Supplied data:

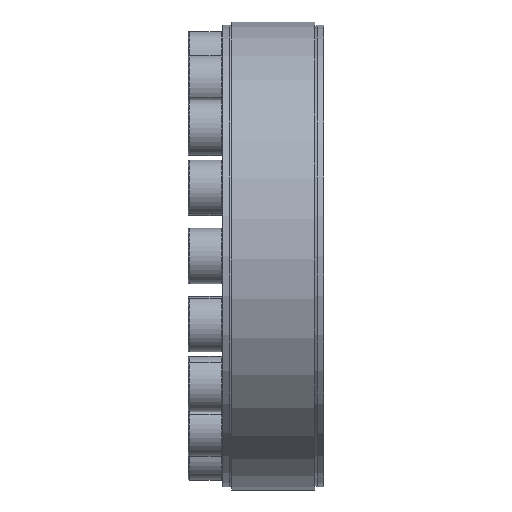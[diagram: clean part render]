
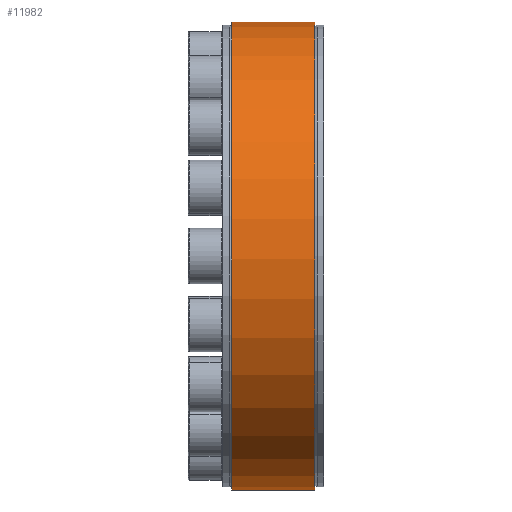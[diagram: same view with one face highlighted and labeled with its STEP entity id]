
A CAD part, front view. The second image highlights one B-rep face of the part: STEP entity #11982.
In plain terms, the highlighted cylindrical face has radius 67.5 mm (diameter 135 mm), a partial arc.
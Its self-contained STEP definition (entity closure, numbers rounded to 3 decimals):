
#282 = CARTESIAN_POINT ( 'NONE',  ( -14.578, 0., 0. ) ) ;
#728 = ORIENTED_EDGE ( 'NONE', *, *, #6568, .F. ) ;
#1388 = VERTEX_POINT ( 'NONE', #8736 ) ;
#1430 = AXIS2_PLACEMENT_3D ( 'NONE', #2135, #9357, #3194 ) ;
#1664 = AXIS2_PLACEMENT_3D ( 'NONE', #282, #2367, #5455 ) ;
#2135 = CARTESIAN_POINT ( 'NONE',  ( -12., 0., 0. ) ) ;
#2192 = VERTEX_POINT ( 'NONE', #5355 ) ;
#2199 = EDGE_CURVE ( 'NONE', #2661, #1388, #7860, .T. ) ;
#2284 = EDGE_CURVE ( 'NONE', #2192, #1388, #8982, .T. ) ;
#2367 = DIRECTION ( 'NONE',  ( -1., 0., 0. ) ) ;
#2543 = CARTESIAN_POINT ( 'NONE',  ( 12., 0., 0. ) ) ;
#2661 = VERTEX_POINT ( 'NONE', #5250 ) ;
#2915 = CARTESIAN_POINT ( 'NONE',  ( -14.578, 1.75, 67.477 ) ) ;
#3194 = DIRECTION ( 'NONE',  ( 0., 0., 1. ) ) ;
#3576 = EDGE_CURVE ( 'NONE', #2192, #7687, #9269, .T. ) ;
#3593 = DIRECTION ( 'NONE',  ( 0., 0., 1. ) ) ;
#3908 = AXIS2_PLACEMENT_3D ( 'NONE', #2543, #9767, #3593 ) ;
#4091 = FACE_OUTER_BOUND ( 'NONE', #11836, .T. ) ;
#5151 = CARTESIAN_POINT ( 'NONE',  ( -12., 1.75, 67.477 ) ) ;
#5250 = CARTESIAN_POINT ( 'NONE',  ( -12., -1.75, 67.477 ) ) ;
#5355 = CARTESIAN_POINT ( 'NONE',  ( 12., 1.75, 67.477 ) ) ;
#5455 = DIRECTION ( 'NONE',  ( 0., 0., 1. ) ) ;
#6568 = EDGE_CURVE ( 'NONE', #7687, #2661, #6776, .T. ) ;
#6776 = CIRCLE ( 'NONE', #1430, 67.5 ) ;
#7372 = ORIENTED_EDGE ( 'NONE', *, *, #2199, .F. ) ;
#7476 = DIRECTION ( 'NONE',  ( 1., 0., 0. ) ) ;
#7545 = VECTOR ( 'NONE', #7476, 1000. ) ;
#7687 = VERTEX_POINT ( 'NONE', #5151 ) ;
#7860 = LINE ( 'NONE', #9542, #7545 ) ;
#7877 = ORIENTED_EDGE ( 'NONE', *, *, #3576, .F. ) ;
#8736 = CARTESIAN_POINT ( 'NONE',  ( 12., -1.75, 67.477 ) ) ;
#8982 = CIRCLE ( 'NONE', #3908, 67.5 ) ;
#9253 = CYLINDRICAL_SURFACE ( 'NONE', #1664, 67.5 ) ;
#9269 = LINE ( 'NONE', #2915, #12029 ) ;
#9357 = DIRECTION ( 'NONE',  ( -1., 0., 0. ) ) ;
#9542 = CARTESIAN_POINT ( 'NONE',  ( -14.578, -1.75, 67.477 ) ) ;
#9767 = DIRECTION ( 'NONE',  ( -1., 0., 0. ) ) ;
#10141 = DIRECTION ( 'NONE',  ( -1., 0., 0. ) ) ;
#11836 = EDGE_LOOP ( 'NONE', ( #7877, #12963, #7372, #728 ) ) ;
#11982 = ADVANCED_FACE ( 'NONE', ( #4091 ), #9253, .T. ) ;
#12029 = VECTOR ( 'NONE', #10141, 1000. ) ;
#12963 = ORIENTED_EDGE ( 'NONE', *, *, #2284, .T. ) ;
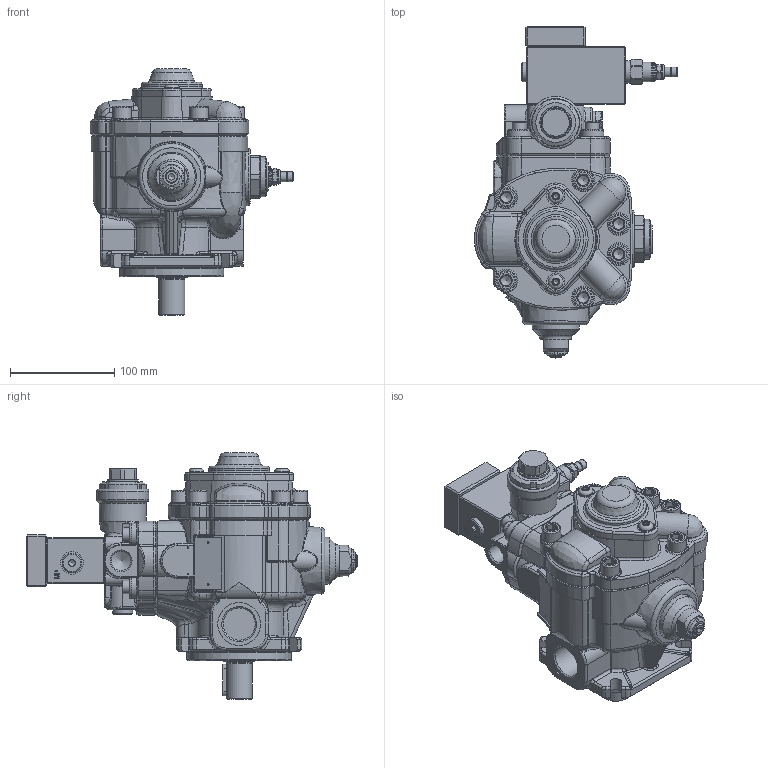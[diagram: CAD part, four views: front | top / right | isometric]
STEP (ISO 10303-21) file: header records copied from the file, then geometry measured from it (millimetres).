
FILE_DESCRIPTION(/* description */ (''),/* implementation_level */ '2;1');
FILE_NAME(/* name */ 'W:\Tecnico\Archivio\Berarma\Dimensioni Pompe\3D Export\Montaggio 3D semplificato\PLP-PHP 1\PHP 1 -A PCS002.stp',/* time_stamp */ '2018-10-09T15:27:28+02:00',/* author */ ('marcop'),/* organization */ (''),/* preprocessor_version */ 'ST-DEVELOPER v17',/* originating_system */ 'Autodesk Inventor 2018',/* authorisation */ '');
FILE_SCHEMA (('AUTOMOTIVE_DESIGN { 1 0 10303 214 3 1 1 }'));
Products named in the file (1): PLP-PHP 1_Shrinkwrap_1
Bounding box: 194.5 x 317.7 x 236 mm (x, y, z)
Volume: 2656867.1 mm3; surface area: 302746.1 mm2
Topology: 2 solids, 2 shells, 2245 faces, 5794 edges, 3625 vertices
Faces by surface type: plane 879, cylinder 536, bspline 363, torus 241, cone 203, sphere 23
Full cylindrical faces by diameter (mm): 1.7 x4, 2.5 x3, 4 x2, 6 x2, 6.5 x1, 7.2 x1, 7.671 x2, 8 x1, 8.5 x4, 9 x4, 9.347 x2, 9.5 x1, 10 x1, 11.445 x2, 12 x4, 13 x4, 13.487 x1, 13.5 x1, 13.767 x2, 14 x5, 14.63 x1, 15 x1, 15.5 x1, 16 x2, 17 x2, 17.399 x1, 17.5 x1, 17.78 x1, 18 x7, 18.631 x1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
Entity records: 82683 total; most frequent: CARTESIAN_POINT 28289, ORIENTED_EDGE 11492, DIRECTION 10257, EDGE_CURVE 5746, AXIS2_PLACEMENT_3D 4002, VERTEX_POINT 3625, EDGE_LOOP 2380, LINE 2253
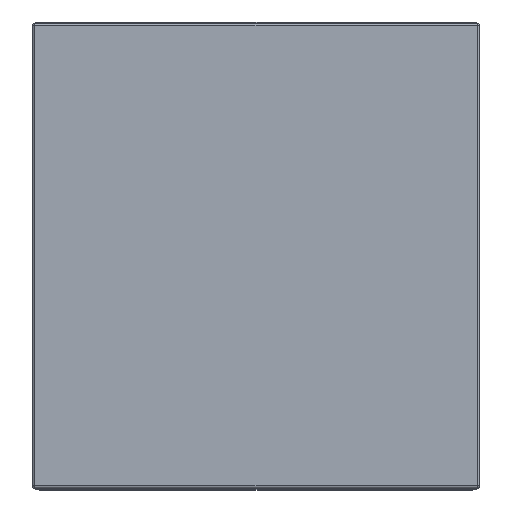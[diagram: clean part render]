
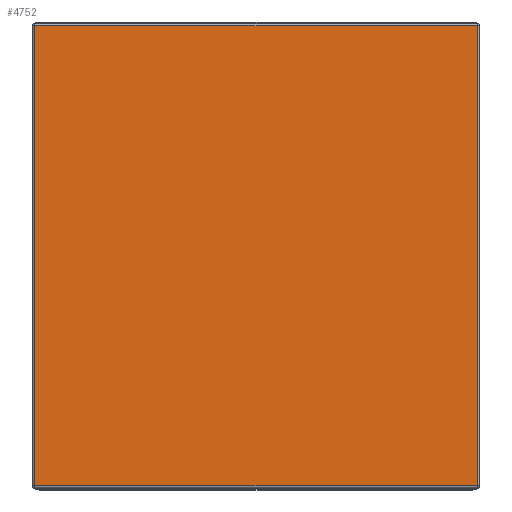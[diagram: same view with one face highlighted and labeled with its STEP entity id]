
A CAD part, top view. The second image highlights one B-rep face of the part: STEP entity #4752.
In plain terms, the highlighted planar face has unit normal (0, 0, 1).
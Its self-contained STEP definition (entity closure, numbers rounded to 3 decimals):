
#122 = DIRECTION ( 'NONE',  ( 0., 0., -1. ) ) ;
#535 = CARTESIAN_POINT ( 'NONE',  ( 286., -568., 100. ) ) ;
#639 = CARTESIAN_POINT ( 'NONE',  ( 340.212, 28., 100. ) ) ;
#672 = VECTOR ( 'NONE', #4422, 1000. ) ;
#949 = CARTESIAN_POINT ( 'NONE',  ( -286., -571., 100. ) ) ;
#1188 = LINE ( 'NONE', #4620, #4927 ) ;
#1247 = EDGE_CURVE ( 'NONE', #1499, #3630, #1679, .T. ) ;
#1365 = VERTEX_POINT ( 'NONE', #2579 ) ;
#1470 = CARTESIAN_POINT ( 'NONE',  ( 286., 30., 100. ) ) ;
#1478 = FACE_OUTER_BOUND ( 'NONE', #4423, .T. ) ;
#1499 = VERTEX_POINT ( 'NONE', #4141 ) ;
#1589 = EDGE_CURVE ( 'NONE', #1365, #1499, #2302, .T. ) ;
#1679 = LINE ( 'NONE', #949, #4150 ) ;
#1756 = ORIENTED_EDGE ( 'NONE', *, *, #2262, .T. ) ;
#1910 = ORIENTED_EDGE ( 'NONE', *, *, #1589, .T. ) ;
#1928 = EDGE_CURVE ( 'NONE', #5822, #1365, #3244, .T. ) ;
#2217 = PLANE ( 'NONE',  #5763 ) ;
#2262 = EDGE_CURVE ( 'NONE', #3630, #5822, #1188, .T. ) ;
#2302 = LINE ( 'NONE', #4671, #6018 ) ;
#2579 = CARTESIAN_POINT ( 'NONE',  ( 286., 27., 100. ) ) ;
#2663 = CARTESIAN_POINT ( 'NONE',  ( -286., -568., 100. ) ) ;
#3244 = LINE ( 'NONE', #1470, #672 ) ;
#3630 = VERTEX_POINT ( 'NONE', #2663 ) ;
#3716 = DIRECTION ( 'NONE',  ( -1., 0., 0. ) ) ;
#3961 = DIRECTION ( 'NONE',  ( 0., -1., 0. ) ) ;
#4141 = CARTESIAN_POINT ( 'NONE',  ( -286., 27., 100. ) ) ;
#4150 = VECTOR ( 'NONE', #3961, 1000. ) ;
#4155 = DIRECTION ( 'NONE',  ( 1., 0., 0. ) ) ;
#4422 = DIRECTION ( 'NONE',  ( 0., 1., 0. ) ) ;
#4423 = EDGE_LOOP ( 'NONE', ( #1756, #5552, #1910, #4514 ) ) ;
#4514 = ORIENTED_EDGE ( 'NONE', *, *, #1247, .T. ) ;
#4620 = CARTESIAN_POINT ( 'NONE',  ( 289., -568., 100. ) ) ;
#4671 = CARTESIAN_POINT ( 'NONE',  ( 340.212, 27., 100. ) ) ;
#4752 = ADVANCED_FACE ( 'NONE', ( #1478 ), #2217, .F. ) ;
#4927 = VECTOR ( 'NONE', #4155, 1000. ) ;
#5110 = DIRECTION ( 'NONE',  ( -1., 0., 0. ) ) ;
#5552 = ORIENTED_EDGE ( 'NONE', *, *, #1928, .T. ) ;
#5763 = AXIS2_PLACEMENT_3D ( 'NONE', #639, #122, #3716 ) ;
#5822 = VERTEX_POINT ( 'NONE', #535 ) ;
#6018 = VECTOR ( 'NONE', #5110, 1000. ) ;

Work task:
Report all lines of the material that contain the word "records".

Output of the exercise:
STEP (ISO 10303-21) file: header records copied from the file, then geometry measured from it (millimetres).
Entity records: 82683 total; most frequent: CARTESIAN_POINT 28289, ORIENTED_EDGE 11492, DIRECTION 10257, EDGE_CURVE 5746, AXIS2_PLACEMENT_3D 4002, VERTEX_POINT 3625, EDGE_LOOP 2380, LINE 2253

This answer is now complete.